*Extracted information*

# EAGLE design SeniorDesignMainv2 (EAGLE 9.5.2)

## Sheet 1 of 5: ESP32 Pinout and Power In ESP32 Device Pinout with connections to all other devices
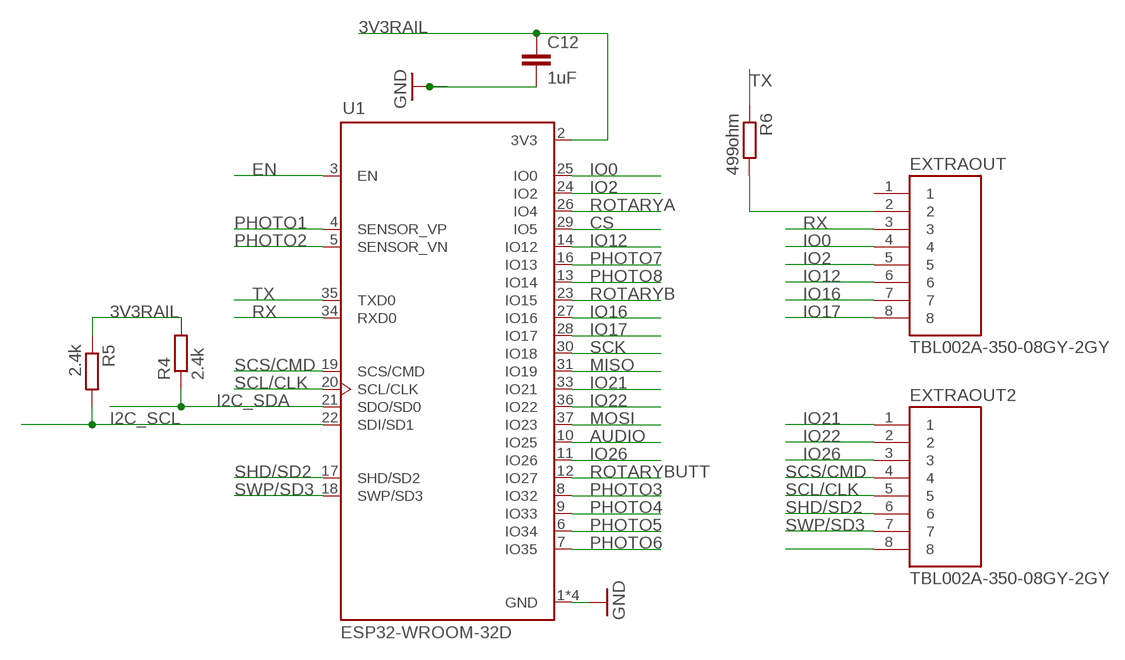
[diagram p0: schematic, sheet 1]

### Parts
C12  1uF  C-EUC1206  [C1206]
EXTRAOUT  TBL002A-350-08GY-2GY  [CUI_TBL002A-350-08GY-2GY]
EXTRAOUT2  TBL002A-350-08GY-2GY  [CUI_TBL002A-350-08GY-2GY]
R4  2.4k  R-EU_R1206  [R1206]
R5  2.4k  R-EU_R1206  [R1206]
R6  499ohm  R-EU_R1206  [R1206]
U1  ESP32-WROOM-32D  [MODULE_ESP32-WROOM-32D]

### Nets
3V3RAIL: C12.1 R4.2 R5.1 U1.2(3V3) ; also sheet 2,4,5
AUDIO: U1.10(IO25) ; also sheet 3
CS: U1.29(IO5) ; also sheet 5
EN: U1.3(EN)
GND: C12.2 U1.1(GND) U1.15(GND) U1.38(GND) U1.39(GND) ; also sheet 2,3,4,5
I2C_SCL: R5.2 U1.22(SDI/SD1) ; also sheet 5
I2C_SDA: R4.1 U1.21(SDO/SD0) ; also sheet 5
IO0: EXTRAOUT.4 U1.25(IO0)
IO2: EXTRAOUT.5 U1.24(IO2)
IO12: EXTRAOUT.6 U1.14(IO12)
IO16: EXTRAOUT.7 U1.27(IO16)
IO17: EXTRAOUT.8 U1.28(IO17)
IO21: EXTRAOUT2.1 U1.33(IO21)
IO22: EXTRAOUT2.2 U1.36(IO22)
IO26: EXTRAOUT2.3 U1.11(IO26)
MISO: U1.31(IO19) ; also sheet 5
MOSI: U1.37(IO23) ; also sheet 5
N$8: EXTRAOUT.2 R6.2
N$12: EXTRAOUT2.8
PHOTO1: U1.4(SENSOR_VP) ; also sheet 4
PHOTO2: U1.5(SENSOR_VN) ; also sheet 4
PHOTO3: U1.8(IO32) ; also sheet 4
PHOTO4: U1.9(IO33) ; also sheet 4
PHOTO5: U1.6(IO34) ; also sheet 4
PHOTO6: U1.7(IO35) ; also sheet 4
PHOTO7: U1.16(IO13) ; also sheet 4
PHOTO8: U1.13(IO14) ; also sheet 4
ROTARYA: U1.26(IO4) ; also sheet 5
ROTARYB: U1.23(IO15) ; also sheet 5
ROTARYBUTT: U1.12(IO27) ; also sheet 5
RX: EXTRAOUT.3 U1.34(RXD0)
SCK: U1.30(IO18) ; also sheet 5
SCL/CLK: EXTRAOUT2.5 U1.20(SCL/CLK)
SCS/CMD: EXTRAOUT2.4 U1.19(SCS/CMD)
SHD/SD2: EXTRAOUT2.6 U1.17(SHD/SD2)
SWP/SD3: EXTRAOUT2.7 U1.18(SWP/SD3)
TX: R6.1 U1.35(TXD0)
Unconnected: EXTRAOUT.1

## Sheet 2 of 5: Power/Voltage Regulators Basic/per data sheet setups for all the voltage regulators
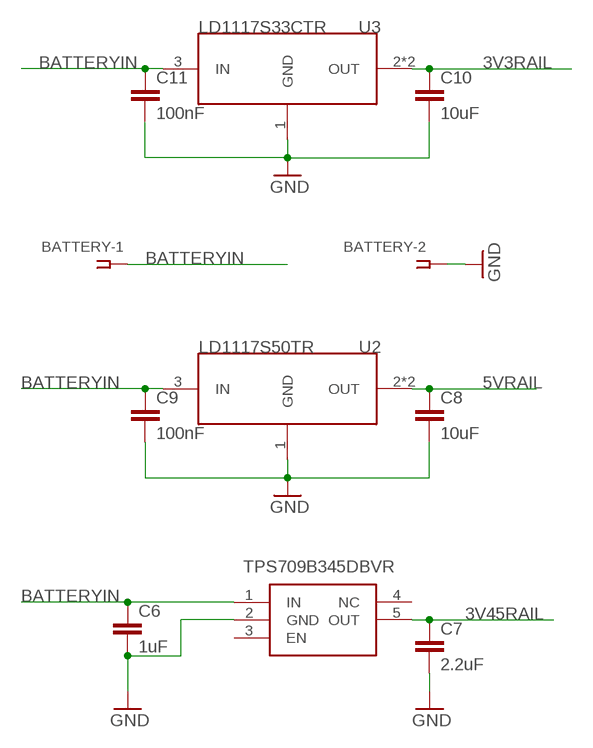
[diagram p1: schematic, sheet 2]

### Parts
BATTERY  SSW-101-02-G-D  [SSW-101-02-G-D]
C6  1uF  C-EUC1206  [C1206]
C7  2.2uF  C-EUC1206  [C1206]
C8  10uF  C-EUC1206  [C1206]
C9  100nF  C-EUC1206  [C1206]
C10  10uF  C-EUC1206  [C1206]
C11  100nF  C-EUC1206  [C1206]
IC1  TPS709B345DBVR  [SOT95P280X145-5N]
U2  LD1117S50TR  [SOT223]
U3  LD1117S33CTR  [SOT223]

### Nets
3V3RAIL: C10.1 U3.2(OUT) U3.4(OUT) ; also sheet 1,4,5
3V45RAIL: C7.1 IC1.5(OUT) ; also sheet 4
5VRAIL: C8.1 U2.2(OUT) U2.4(OUT) ; also sheet 3,5
BATTERYIN: BATTERY.1 C6.1 C9.1 C11.1 IC1.1(IN) U2.3(IN) U3.3(IN)
GND: BATTERY.2 C6.2 C7.2 C8.2 C9.2 C10.2 C11.2 IC1.2(GND) U2.1(GND) U3.1(GND) ; also sheet 1,3,4,5
Unconnected: IC1.3(EN) IC1.4(NC)

## Sheet 3 of 5: Audio Circuit LM 386 with Bass Boost Requires: 5 Capacitors, 3 Resistors, 4 Mount Holes
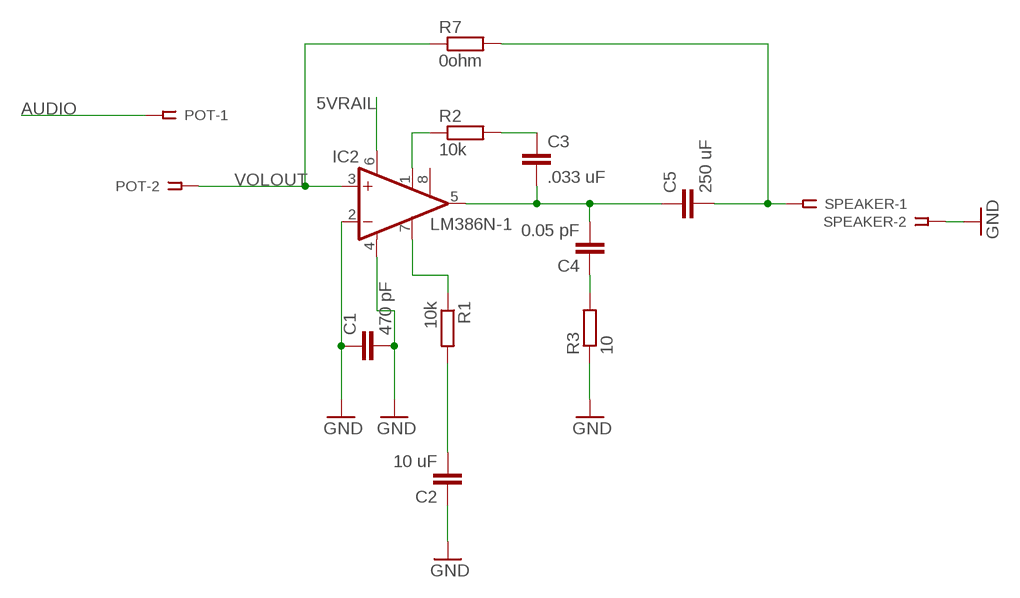
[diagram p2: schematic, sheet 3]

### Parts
C1  470 pF  C-EUC1206  [C1206]
C2  10 uF  C-EUC1206  [C1206]
C3  .033 uF  C-EUC1206  [C1206]
C4  0.05 pF  C-EUC1206  [C1206]
C5  250 uF  C-EUC1206  [C1206]
IC2  LM386N-1  [DIL08]
POT  SSW-101-02-G-D  [SSW-101-02-G-D]
R1  10k  R-EU_R1206  [R1206]
R2  10k  R-EU_R1206  [R1206]
R3  10  R-EU_R1206  [R1206]
R7  0ohm  R-EU_R1206  [R1206]
SPEAKER  SSW-101-02-G-D  [SSW-101-02-G-D]

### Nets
5VRAIL: IC2.6(VS) ; also sheet 2,5
AUDIO: POT.1 ; also sheet 1
GND: C1.1 C1.2 C2.1 IC2.2(-IN) IC2.4(GND) R3.1 SPEAKER.2 ; also sheet 1,2,4,5
N$1: IC2.7(BYPASS) R1.1
N$2: C2.2 R1.2
N$3: IC2.1(GAIN) R2.1
N$4: C3.2 C4.2 C5.1 IC2.5(OUT)
N$5: C3.1 R2.2
N$6: C4.1 R3.2
N$7: C5.2 R7.2 SPEAKER.1
VOLOUT: IC2.3(+IN) POT.2 R7.1
Unconnected: IC2.8(GAIN)

## Sheet 4 of 5: Laser Diodes and Photo Transistors Mapping from MCU to ports for the laser diodes. Mapping from MCU to ports for the phototransistors. WARNING: MCU LINES AND PORT HOLES ARE 1 INDEXED Extra Terminal for ground connections
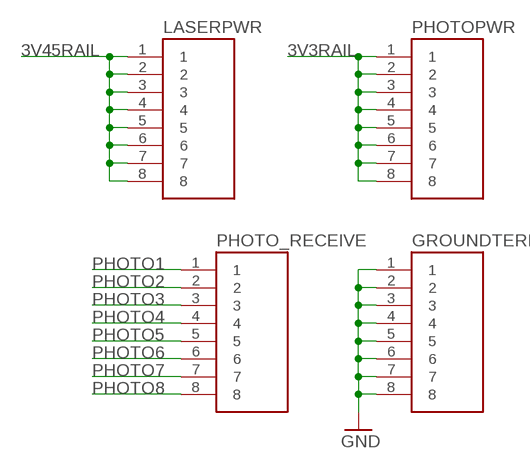
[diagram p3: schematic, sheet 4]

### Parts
GROUNDTERM  TBL002A-350-08GY-2GY  [CUI_TBL002A-350-08GY-2GY]
LASERPWR  TBL002A-350-08GY-2GY  [CUI_TBL002A-350-08GY-2GY]
PHOTO_RECEIVE  TBL002A-350-08GY-2GY  [CUI_TBL002A-350-08GY-2GY]
PHOTOPWR  TBL002A-350-08GY-2GY  [CUI_TBL002A-350-08GY-2GY]

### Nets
3V3RAIL: PHOTOPWR.1 PHOTOPWR.2 PHOTOPWR.3 PHOTOPWR.4 PHOTOPWR.5 PHOTOPWR.6 PHOTOPWR.7 PHOTOPWR.8 ; also sheet 1,2,5
3V45RAIL: LASERPWR.1 LASERPWR.2 LASERPWR.3 LASERPWR.4 LASERPWR.5 LASERPWR.6 LASERPWR.7 LASERPWR.8 ; also sheet 2
GND: GROUNDTERM.1 GROUNDTERM.2 GROUNDTERM.3 GROUNDTERM.4 GROUNDTERM.5 GROUNDTERM.6 GROUNDTERM.7 GROUNDTERM.8 ; also sheet 1,2,3,5
PHOTO1: PHOTO_RECEIVE.1 ; also sheet 1
PHOTO2: PHOTO_RECEIVE.2 ; also sheet 1
PHOTO3: PHOTO_RECEIVE.3 ; also sheet 1
PHOTO4: PHOTO_RECEIVE.4 ; also sheet 1
PHOTO5: PHOTO_RECEIVE.5 ; also sheet 1
PHOTO6: PHOTO_RECEIVE.6 ; also sheet 1
PHOTO7: PHOTO_RECEIVE.7 ; also sheet 1
PHOTO8: PHOTO_RECEIVE.8 ; also sheet 1

## Sheet 5 of 5: SPI to SD, I2C to LCD SD - Routing the MCU to communicate to the SD Card Reader via SPI potocol. The connection seen here is to a 7 pin header that will be on the board. This is the connection point for the breakout board and the MCU. LCD - 4 Pin Header. This could be to either a module for I2C or the chip if it's an issue to use the I2C module. 5 V are needed for the module and LCD. The 5 V Rail could be a direct connection from 5 V regulator or it could be from this pin.
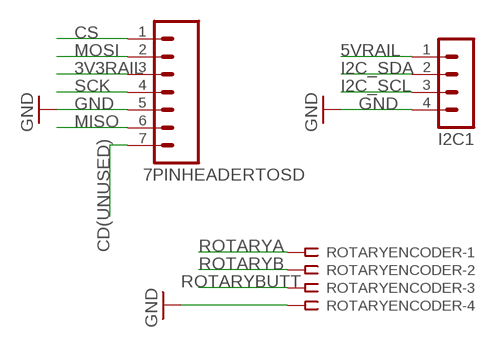
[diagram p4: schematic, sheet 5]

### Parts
7PINHEADERTOSD  M07  [07P]
I2C1  MA04-1  [MA04-1]
ROTARYENCODER  SSW-104-02-G-S  [SSW-104-02-G-S]

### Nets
3V3RAIL: 7PINHEADERTOSD.3 ; also sheet 1,2,4
5VRAIL: I2C1.1 ; also sheet 2,3
CD(UNUSED): 7PINHEADERTOSD.7
CS: 7PINHEADERTOSD.1 ; also sheet 1
GND: 7PINHEADERTOSD.5 I2C1.4 ROTARYENCODER.4 ; also sheet 1,2,3,4
I2C_SCL: I2C1.3 ; also sheet 1
I2C_SDA: I2C1.2 ; also sheet 1
MISO: 7PINHEADERTOSD.6 ; also sheet 1
MOSI: 7PINHEADERTOSD.2 ; also sheet 1
ROTARYA: ROTARYENCODER.1 ; also sheet 1
ROTARYB: ROTARYENCODER.2 ; also sheet 1
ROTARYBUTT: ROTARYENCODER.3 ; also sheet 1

*Exercise objective*
Out of the material above, gather each line where "BATTERY" appears.

*Finished exercise*
BATTERY  SSW-101-02-G-D  [SSW-101-02-G-D]
BATTERYIN: BATTERY.1 C6.1 C9.1 C11.1 IC1.1(IN) U2.3(IN) U3.3(IN)
GND: BATTERY.2 C6.2 C7.2 C8.2 C9.2 C10.2 C11.2 IC1.2(GND) U2.1(GND) U3.1(GND) ; also sheet 1,3,4,5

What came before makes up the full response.